● Problem description
When the word "pattern" appears in a line of the data below, list that line.

● Material supplied

[Start of section]

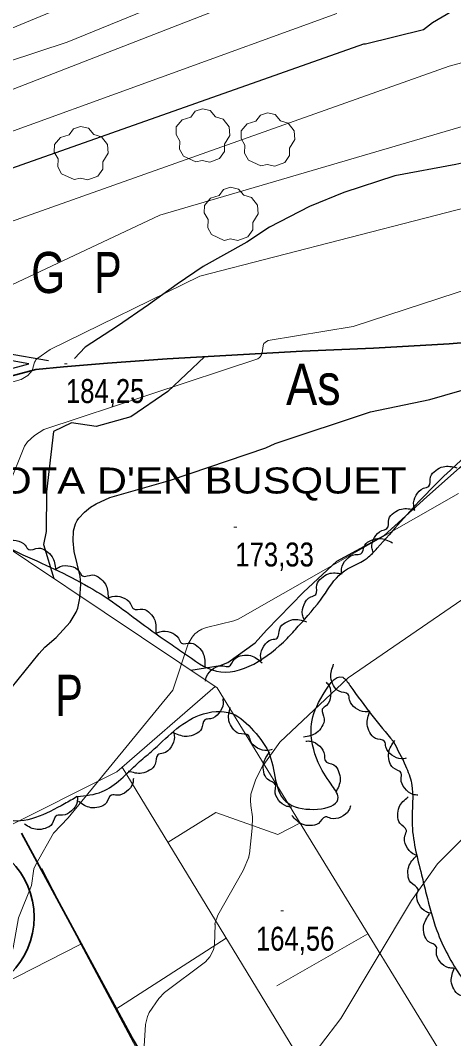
# Model space of a CAD drawing. Extents: x 483847 to 488453, y 4383581 to 4386795.
# Drawn here: x 484564.9 to 484722.9, y 4384859.8 to 4385231.8 of the extents above; entities that cross this region are included whole.
import ezdxf
from ezdxf.enums import TextEntityAlignment as Align

# ---------------------------------------------------------------- set-up
doc = ezdxf.new("R2010")
doc.units = 0
doc.header["$LTSCALE"] = 3.8
doc.linetypes.add('LONG_DASHED', pattern=[7.5, 6, -1.5])
doc.linetypes.add('MEDIUM_DASHED', pattern=[4.5, 3, -1.5])
for name, color, linetype, lineweight in [('25', 7, 'LONG_DASHED', 25), ('27', 7, 'Continuous', 25), ('29', 7, 'Continuous', 13), ('38', 7, 'Continuous', 25), ('51', 7, 'Continuous', 13), ('6', 7, 'Continuous', 35), ('7', 7, 'Continuous', 13), ('8', 7, 'Continuous', 25), ('9', 7, 'Continuous', 13)]:
    doc.layers.add(name, color=color, linetype=linetype, lineweight=lineweight)
doc.layers.add('31', color=7, linetype='Continuous')
doc.layers.add('5', color=7, linetype='Continuous')

msp = doc.modelspace()

# ---------------------------------------------------------------- linework, layer by layer
at = {"layer": '25'}
for points in [[(484744.44, 4385184.53), (484734, 4385181.44), (484723.74, 4385179.06), (484701.41, 4385174.97), (484682.91, 4385168.93), (484670.34, 4385163.77), (484655.79, 4385156.28), (484647.45, 4385150.74), (484631.56, 4385141.82), (484622.13, 4385135.45), (484611.64, 4385127.81), (484600.31, 4385120.09), (484588.51, 4385112.44), (484584.62, 4385108.22)], [(484697.53, 4385043.59), (484713.19, 4385057.72), (484725, 4385068.37), (484738.93, 4385080.47), (484742.6, 4385083.33), (484759.76, 4385096.91), (484768.44, 4385105.31), (484785.43, 4385118.09)], [(484632.01, 4385108.9), (484618.69, 4385096.14), (484605.21, 4385086.95), (484592.55, 4385083.44), (484583.56, 4385084.74), (484577.01, 4385081.55), (484574.39, 4385059.51), (484574.32, 4385045.07), (484573.37, 4385040.36), (484577.15, 4385027.85)], [(484627.12, 4384994.38), (484637.82, 4384996.16), (484640.58, 4384997.21), (484650.58, 4385004.37), (484654.69, 4385009.08), (484668.18, 4385022.91), (484680.36, 4385034.21), (484697.56, 4385043.61)]]:
    msp.add_lwpolyline(points, dxfattribs=at)
at = {"layer": '27'}
for points in [[(484126.09, 4384902.79), (484170.42, 4384940.62), (484186.72, 4384951.71), (484191.28, 4384949.75), (484195.85, 4384942.58), (484195.2, 4384850.61), (484198.46, 4384849.31), (484203.02, 4384849.96), (484206.93, 4384851.91), (484210.19, 4384864.31), (484210.19, 4384911.92), (484211.5, 4384943.23), (484214.1, 4384965.41), (484221.93, 4384987.58), (484217.36, 4384992.8), (484210.19, 4384992.8), (484135.22, 4384984.97), (484130.65, 4384988.89), (484126.09, 4384997.37), (484121.53, 4385047.59), (484126.09, 4385059.33), (484133.91, 4385067.16), (484151.52, 4385069.77), (484197.15, 4385061.94), (484225.84, 4385054.77), (484236.92, 4385050.2), (484251.92, 4385040.42), (484272.13, 4385031.28), (484285.82, 4385029.98), (484298.2, 4385029.33), (484332.11, 4385039.76), (484352.32, 4385052.16), (484358.18, 4385050.2), (484379.05, 4385045.63), (484396, 4385044.98), (484413.6, 4385057.38), (484413.6, 4385076.29), (484415.56, 4385110.21), (484421.42, 4385117.38), (484434.46, 4385125.86), (484452.06, 4385127.17), (484517.26, 4385131.08), (484535.51, 4385145.43), (484539.43, 4385153.26), (484534.21, 4385163.04), (484527.69, 4385172.17), (484530.3, 4385183.26), (484560.29, 4385234.79), (484583.76, 4385251.75), (484588.32, 4385252.4), (484664.6, 4385247.83), (484699.15, 4385252.4), (484722.1, 4385262.06)], [(484700.82, 4384968.46), (484705.41, 4384959.43), (484707.55, 4384953.09), (484707.74, 4384939), (484711.22, 4384919.64), (484712.92, 4384912.69), (484716.8, 4384899.3), (484725.74, 4384882.24), (484736.07, 4384869.4), (484745.06, 4384860.93), (484750.28, 4384857.29), (484764, 4384859.06), (484770.61, 4384868.01), (484777.26, 4384873.01), (484781.91, 4384878.36), (484796.36, 4384884.03), (484807.44, 4384882.61), (484816.96, 4384899.83), (484823.17, 4384919.01), (484826.91, 4384930.91), (484828.12, 4384939.98), (484830.31, 4384967.09), (484821.85, 4384985.57), (484819.78, 4384989.11), (484816.96, 4385006.72), (484804.17, 4385008.65), (484792.01, 4385000.71), (484785.16, 4385000.41), (484783.76, 4385012.32), (484786.61, 4385017.19), (484802.93, 4385029.89), (484816.99, 4385036.63), (484831.62, 4385042.77), (484831.85, 4385052.42), (484828.77, 4385053.4), (484819, 4385062.66), (484818.83, 4385065.3), (484812.25, 4385067.05), (484801.05, 4385062.91), (484791.28, 4385056.88), (484772.36, 4385043.62), (484767.88, 4385041.12), (484748.05, 4385041.41), (484745.09, 4385048.67), (484744.52, 4385049.12), (484744.55, 4385052.7), (484748.79, 4385058.77), (484748.64, 4385063.3), (484740.19, 4385063.82), (484742.63, 4385070.57), (484763.21, 4385085.99), (484768.65, 4385092.72), (484762.05, 4385095.21), (484749.87, 4385090.39), (484739.63, 4385082.24), (484731.52, 4385075.98), (484695.06, 4385038.96)], [(484708.79, 4385052.9), (484708.34, 4385054.62), (484709.24, 4385058.3), (484711.91, 4385060.86), (484713.83, 4385061.57), (484714.51, 4385065.06), (484716.38, 4385067.39), (484719.08, 4385068.74), (484724.03, 4385068.36)], [(484693.57, 4385037.45), (484693.12, 4385039.17), (484694.02, 4385042.85), (484696.69, 4385045.4), (484698.61, 4385046.12), (484699.29, 4385049.61), (484701.16, 4385051.93), (484703.86, 4385053.28), (484708.81, 4385052.9)], [(484585.59, 4384948.21), (484580.97, 4384945.58), (484559.8, 4384939.88), (484549.69, 4384946.4), (484536.11, 4384951.35), (484524.15, 4384948.87), (484511.2, 4384941.93), (484493.5, 4384930.76), (484470.97, 4384918.5), (484448.03, 4384909.24), (484426.95, 4384899.71), (484410.49, 4384892.92), (484385.23, 4384895.42), (484388.62, 4384909.57), (484391.63, 4384936.1), (484393.56, 4384945.05), (484404.24, 4384952.03), (484417.14, 4384934.99), (484427.13, 4384928.88), (484438.84, 4384933.79), (484461.12, 4384944.82), (484483.93, 4384957.41), (484496.79, 4384964.37), (484506.7, 4384969.76), (484524.49, 4384977.21), (484535.34, 4384990.46), (484526.45, 4385001.52), (484515.95, 4385002.96), (484498.76, 4384998.27), (484491.46, 4385002.45), (484491.28, 4385010.27), (484510.27, 4385023.11), (484522.64, 4385031.97), (484541.56, 4385045.7), (484558.82, 4385039.91), (484572.59, 4385033.52), (484597.25, 4385020.22), (484607.27, 4385012.89), (484618.82, 4385004.61), (484624.36, 4385000.79), (484636.37, 4384994.07), (484662.16, 4385005.98), (484666.23, 4385010.44), (484675.39, 4385021.46), (484682.04, 4385029.89), (484691.36, 4385035.38), (484695.06, 4385038.96)], [(484558.14, 4385040.38), (484559.61, 4385041.38), (484563.38, 4385041.73), (484566.67, 4385040.05), (484567.98, 4385038.47), (484571.49, 4385038.98), (484574.31, 4385037.97), (484576.47, 4385035.86), (484577.73, 4385031.07)], [(484682.03, 4385029.7), (484682, 4385031.47), (484683.78, 4385034.83), (484686.99, 4385036.65), (484689.03, 4385036.88), (484690.53, 4385040.1), (484692.91, 4385041.9), (484695.86, 4385042.55), (484700.57, 4385040.98)], [(484577.86, 4385031.31), (484579.38, 4385032.22), (484583.17, 4385032.37), (484586.36, 4385030.51), (484587.58, 4385028.86), (484591.12, 4385029.18), (484593.88, 4385028.02), (484595.92, 4385025.8), (484596.92, 4385020.94)], [(484668.36, 4385012.98), (484667.76, 4385014.64), (484668.34, 4385018.39), (484670.78, 4385021.16), (484672.64, 4385022.04), (484673.01, 4385025.58), (484674.67, 4385028.06), (484677.25, 4385029.63), (484682.21, 4385029.68)], [(484596.75, 4385020.63), (484598.38, 4385021.33), (484602.16, 4385020.96), (484605.06, 4385018.68), (484606.05, 4385016.88), (484609.6, 4385016.71), (484612.17, 4385015.2), (484613.89, 4385012.71), (484614.22, 4385007.76)], [(484652.85, 4384997.87), (484652.52, 4384999.61), (484653.71, 4385003.22), (484656.56, 4385005.56), (484658.54, 4385006.12), (484659.47, 4385009.55), (484661.51, 4385011.73), (484664.31, 4385012.87), (484669.22, 4385012.12)], [(484614.19, 4385007.71), (484615.8, 4385008.47), (484619.58, 4385008.24), (484622.57, 4385006.07), (484623.62, 4385004.31), (484627.17, 4385004.27), (484629.8, 4385002.85), (484631.61, 4385000.43), (484632.12, 4384995.49)], [(484632.43, 4384990.4), (484632.81, 4384992.13), (484635.31, 4384994.99), (484638.86, 4384996.02), (484640.9, 4384995.77), (484643.1, 4384998.56), (484645.83, 4384999.76), (484648.85, 4384999.72), (484653.07, 4384997.1)], [(484692.39, 4384979.38), (484690.63, 4384979.16), (484687.1, 4384980.55), (484684.94, 4384983.54), (484684.49, 4384985.55), (484681.12, 4384986.69), (484679.07, 4384988.85), (484678.1, 4384991.72), (484679.14, 4384996.56)], [(484585.59, 4384948.21), (484594.7, 4384950.05), (484607.73, 4384960.45), (484612.68, 4384964.74), (484630.28, 4384977.98), (484642.06, 4384978.57), (484649.94, 4384972.27), (484655.9, 4384963.29), (484663.95, 4384945.01), (484680.79, 4384948.01), (484678.22, 4384952.8), (484673.51, 4384960.71), (484670.94, 4384973.59), (484674.44, 4384984.01), (484682.46, 4384991.8), (484685.09, 4384988.84), (484700.82, 4384968.46)], [(484676.39, 4384990.05), (484677.47, 4384988.64), (484678.03, 4384984.89), (484676.53, 4384981.52), (484675.02, 4384980.13), (484675.72, 4384976.64), (484674.87, 4384973.78), (484672.88, 4384971.5), (484668.16, 4384969.98)], [(484638.7, 4384983.94), (484638.85, 4384982.17), (484637.31, 4384978.7), (484634.23, 4384976.66), (484632.21, 4384976.3), (484630.94, 4384972.98), (484628.68, 4384971.02), (484625.78, 4384970.17), (484620.98, 4384971.41)], [(484656.73, 4384965.48), (484655.02, 4384965.04), (484651.34, 4384965.97), (484648.81, 4384968.65), (484648.1, 4384970.58), (484644.62, 4384971.28), (484642.3, 4384973.17), (484640.97, 4384975.88), (484641.39, 4384980.83)], [(484705.64, 4384962.21), (484703.88, 4384961.99), (484700.36, 4384963.38), (484698.19, 4384966.37), (484697.74, 4384968.38), (484694.37, 4384969.51), (484692.32, 4384971.68), (484691.35, 4384974.55), (484692.39, 4384979.39)], [(484620.73, 4384971.72), (484621.06, 4384969.98), (484619.86, 4384966.37), (484617, 4384964.04), (484615.03, 4384963.48), (484614.08, 4384960.05), (484612.03, 4384957.88), (484609.23, 4384956.75), (484604.33, 4384957.52)], [(484668.97, 4384968.5), (484670.74, 4384968.49), (484674.06, 4384966.65), (484675.82, 4384963.41), (484676.01, 4384961.37), (484679.2, 4384959.8), (484680.96, 4384957.39), (484681.55, 4384954.42), (484679.89, 4384949.75)], [(484709.88, 4384948.77), (484708.13, 4384949.01), (484705.07, 4384951.26), (484703.75, 4384954.71), (484703.83, 4384956.76), (484700.87, 4384958.73), (484699.44, 4384961.35), (484699.24, 4384964.37), (484701.49, 4384968.78)], [(484663.8, 4384944.38), (484662.05, 4384944.67), (484659.06, 4384946.99), (484657.82, 4384950.47), (484657.95, 4384952.52), (484655.04, 4384954.56), (484653.68, 4384957.22), (484653.55, 4384960.24), (484655.91, 4384964.6)], [(484606.12, 4384954.87), (484605.89, 4384953.11), (484603.64, 4384950.06), (484600.2, 4384948.72), (484598.14, 4384948.8), (484596.18, 4384945.84), (484593.56, 4384944.4), (484590.55, 4384944.19), (484586.13, 4384946.44)], [(484585.7, 4384948.01), (484585.6, 4384946.23), (484583.58, 4384943.02), (484580.25, 4384941.43), (484578.2, 4384941.36), (484576.46, 4384938.26), (484573.96, 4384936.63), (484570.96, 4384936.2), (484566.39, 4384938.11)], [(484709.71, 4384926.71), (484708.06, 4384927.35), (484705.62, 4384930.27), (484705.15, 4384933.93), (484705.71, 4384935.9), (484703.3, 4384938.51), (484702.54, 4384941.4), (484703.05, 4384944.38), (484706.29, 4384948.14)], [(484685.34, 4384944.88), (484684.7, 4384943.22), (484681.8, 4384940.77), (484678.14, 4384940.28), (484676.17, 4384940.83), (484673.57, 4384938.4), (484670.69, 4384937.62), (484667.71, 4384938.12), (484663.93, 4384941.33)], [(484714.7, 4384905.6), (484713, 4384906.1), (484710.32, 4384908.79), (484709.53, 4384912.4), (484709.92, 4384914.41), (484707.29, 4384916.8), (484706.28, 4384919.61), (484706.53, 4384922.62), (484709.43, 4384926.65)], [(484722.84, 4384885.51), (484721.08, 4384885.72), (484717.99, 4384887.93), (484716.61, 4384891.35), (484716.67, 4384893.4), (484713.67, 4384895.32), (484712.21, 4384897.92), (484711.96, 4384900.94), (484714.14, 4384905.39)], [(484736.12, 4384868.22), (484734.36, 4384868.04), (484730.86, 4384869.5), (484728.75, 4384872.53), (484728.34, 4384874.55), (484725, 4384875.75), (484722.99, 4384877.96), (484722.07, 4384880.84), (484723.21, 4384885.67)]]:
    msp.add_spline(points, degree=3, dxfattribs=at)
at = {"layer": '29'}
for points in [[(484628.88, 4385180.03), (484624.34, 4385182.15), (484622.93, 4385184.69), (484623.03, 4385187.67), (484621.66, 4385190.08), (484621.7, 4385192.83), (484623.86, 4385195.43), (484627.05, 4385196.43), (484628.7, 4385198.62), (484631.27, 4385199.45), (484634.13, 4385198.8), (484636.08, 4385196.53), (484638.89, 4385195.71), (484641.02, 4385192.86), (484641.26, 4385189.73), (484639.38, 4385186.58), (484639.38, 4385183.9), (484637.56, 4385181.29), (484633.94, 4385179.95), (484631.17, 4385180.58)], [(484652.61, 4385178.58), (484648.07, 4385180.7), (484646.66, 4385183.24), (484646.76, 4385186.22), (484645.39, 4385188.63), (484645.43, 4385191.38), (484647.59, 4385193.98), (484650.78, 4385194.98), (484652.43, 4385197.17), (484655, 4385198), (484657.86, 4385197.35), (484659.81, 4385195.08), (484662.62, 4385194.26), (484664.75, 4385191.41), (484664.99, 4385188.28), (484663.11, 4385185.13), (484663.11, 4385182.45), (484661.29, 4385179.84), (484657.67, 4385178.5), (484654.9, 4385179.13)], [(484584.49, 4385173.58), (484579.95, 4385175.7), (484578.54, 4385178.24), (484578.64, 4385181.22), (484577.27, 4385183.63), (484577.31, 4385186.38), (484579.47, 4385188.98), (484582.66, 4385189.98), (484584.31, 4385192.17), (484586.88, 4385193), (484589.74, 4385192.35), (484591.69, 4385190.08), (484594.5, 4385189.26), (484596.63, 4385186.41), (484596.87, 4385183.28), (484594.99, 4385180.13), (484594.99, 4385177.45), (484593.17, 4385174.84), (484589.55, 4385173.5), (484586.78, 4385174.13)], [(484639.2, 4385151.38), (484634.66, 4385153.5), (484633.25, 4385156.04), (484633.35, 4385159.02), (484631.98, 4385161.43), (484632.02, 4385164.18), (484634.18, 4385166.78), (484637.37, 4385167.78), (484639.02, 4385169.97), (484641.59, 4385170.8), (484644.45, 4385170.15), (484646.4, 4385167.88), (484649.21, 4385167.06), (484651.34, 4385164.21), (484651.58, 4385161.08), (484649.7, 4385157.93), (484649.7, 4385155.25), (484647.88, 4385152.64), (484644.26, 4385151.3), (484641.49, 4385151.93)]]:
    msp.add_lwpolyline(points, close=True, dxfattribs=at)
at = {"layer": '38'}
for points in [[(484575.11, 4385107.35), (484559.72, 4385110.12), (484547.39, 4385113.14), (484533.67, 4385115.32), (484529.84, 4385115.71), (484517.23, 4385115.6), (484504.96, 4385114.38), (484493.01, 4385111.43), (484484.54, 4385110.72)], [(484512.21, 4385070.54), (484510.07, 4385069.71), (484503.45, 4385067.95), (484494.86, 4385067.66), (484487.56, 4385070.75), (484485.77, 4385077.78), (484486.76, 4385083.45), (484492.78, 4385090.14), (484498.31, 4385095.54), (484503.01, 4385097.53), (484512.33, 4385099.57), (484524.48, 4385100.9), (484529.91, 4385101.49), (484544.21, 4385102.32), (484552.12, 4385102.97), (484559.47, 4385104.04), (484567.95, 4385106.3)]]:
    msp.add_lwpolyline(points, dxfattribs=at)
at = {"layer": '38', "linetype": 'MEDIUM_DASHED'}
msp.add_lwpolyline([(484567.95, 4385106.3), (484559.24, 4385107.87), (484546.93, 4385110.88), (484533.37, 4385113.04), (484529.73, 4385113.41), (484517.36, 4385113.3), (484505.36, 4385112.1), (484493.39, 4385109.15), (484484.73, 4385108.42)], dxfattribs=at)
at = {"layer": '51'}
for p, q in [((484691.61, 4384898.13), (484658.41, 4384879.16)), ((484640, 4384896.53), (484599.66, 4384870.56))]:
    msp.add_line(p, q, dxfattribs=at)
for points in [[(484526.51, 4385061.76), (484636.63, 4384988), (484717.12, 4384856.42)], [(484635.97, 4384988.45), (484600.12, 4384957.29), (484558.58, 4384936.42), (484473.09, 4384890.68), (484400.03, 4384856.08)], [(484647.76, 4384806.59), (484681.62, 4384827.95), (484602.07, 4384958.99)], [(484618.75, 4384931.53), (484636.16, 4384942.46), (484658.85, 4384934.34), (484666.88, 4384938.56)], [(484481.98, 4384840.82), (484586.98, 4384894.3), (484572.68, 4384921.94)], [(484497.98, 4384788.65), (484610.92, 4384849.44), (484586.98, 4384894.3)]]:
    msp.add_lwpolyline(points, dxfattribs=at)
at = {"layer": '6'}
for points in [[(484721.33, 4385113.65), (484764.31, 4385117.19), (484778.74, 4385117.71), (484800.28, 4385118.92), (484831.98, 4385121), (484878.85, 4385124.3), (484916.93, 4385127.45), (484967.4, 4385129.79), (485007.23, 4385131.89)], [(484560.92, 4385101.66), (484570.5, 4385104.22), (484580.6, 4385105.21), (484596.61, 4385106.51), (484618.44, 4385108.14), (484667.62, 4385110.91), (484693.66, 4385111.99), (484721.33, 4385113.65)], [(484565.32, 4384934.84), (484605.7, 4384860.08), (484675.78, 4384741.99), (484695.63, 4384706.66), (484712.65, 4384678.75), (484716.37, 4384675.91), (484718.11, 4384675.18), (484727.45, 4384676.03), (484733.24, 4384679.19), (484746.86, 4384686.49), (484788.02, 4384709.66)]]:
    msp.add_lwpolyline(points, dxfattribs=at)
msp.add_circle((484540.83, 4384904.23), 29.1, dxfattribs=at)
at = {"layer": '7'}
for p, q in [((484581.01, 4385106.36), (484582.01, 4385106.36)), ((484642.79, 4385046.65), (484643.79, 4385046.65)), ((484659.88, 4384906.55), (484660.88, 4384906.55))]:
    msp.add_line(p, q, dxfattribs=at)
at = {"layer": '8'}
for points in [[(485053.89, 4385382.33), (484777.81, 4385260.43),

[End of section]

● Answer for the task
doc.linetypes.add('LONG_DASHED', pattern=[7.5, 6, -1.5])
doc.linetypes.add('MEDIUM_DASHED', pattern=[4.5, 3, -1.5])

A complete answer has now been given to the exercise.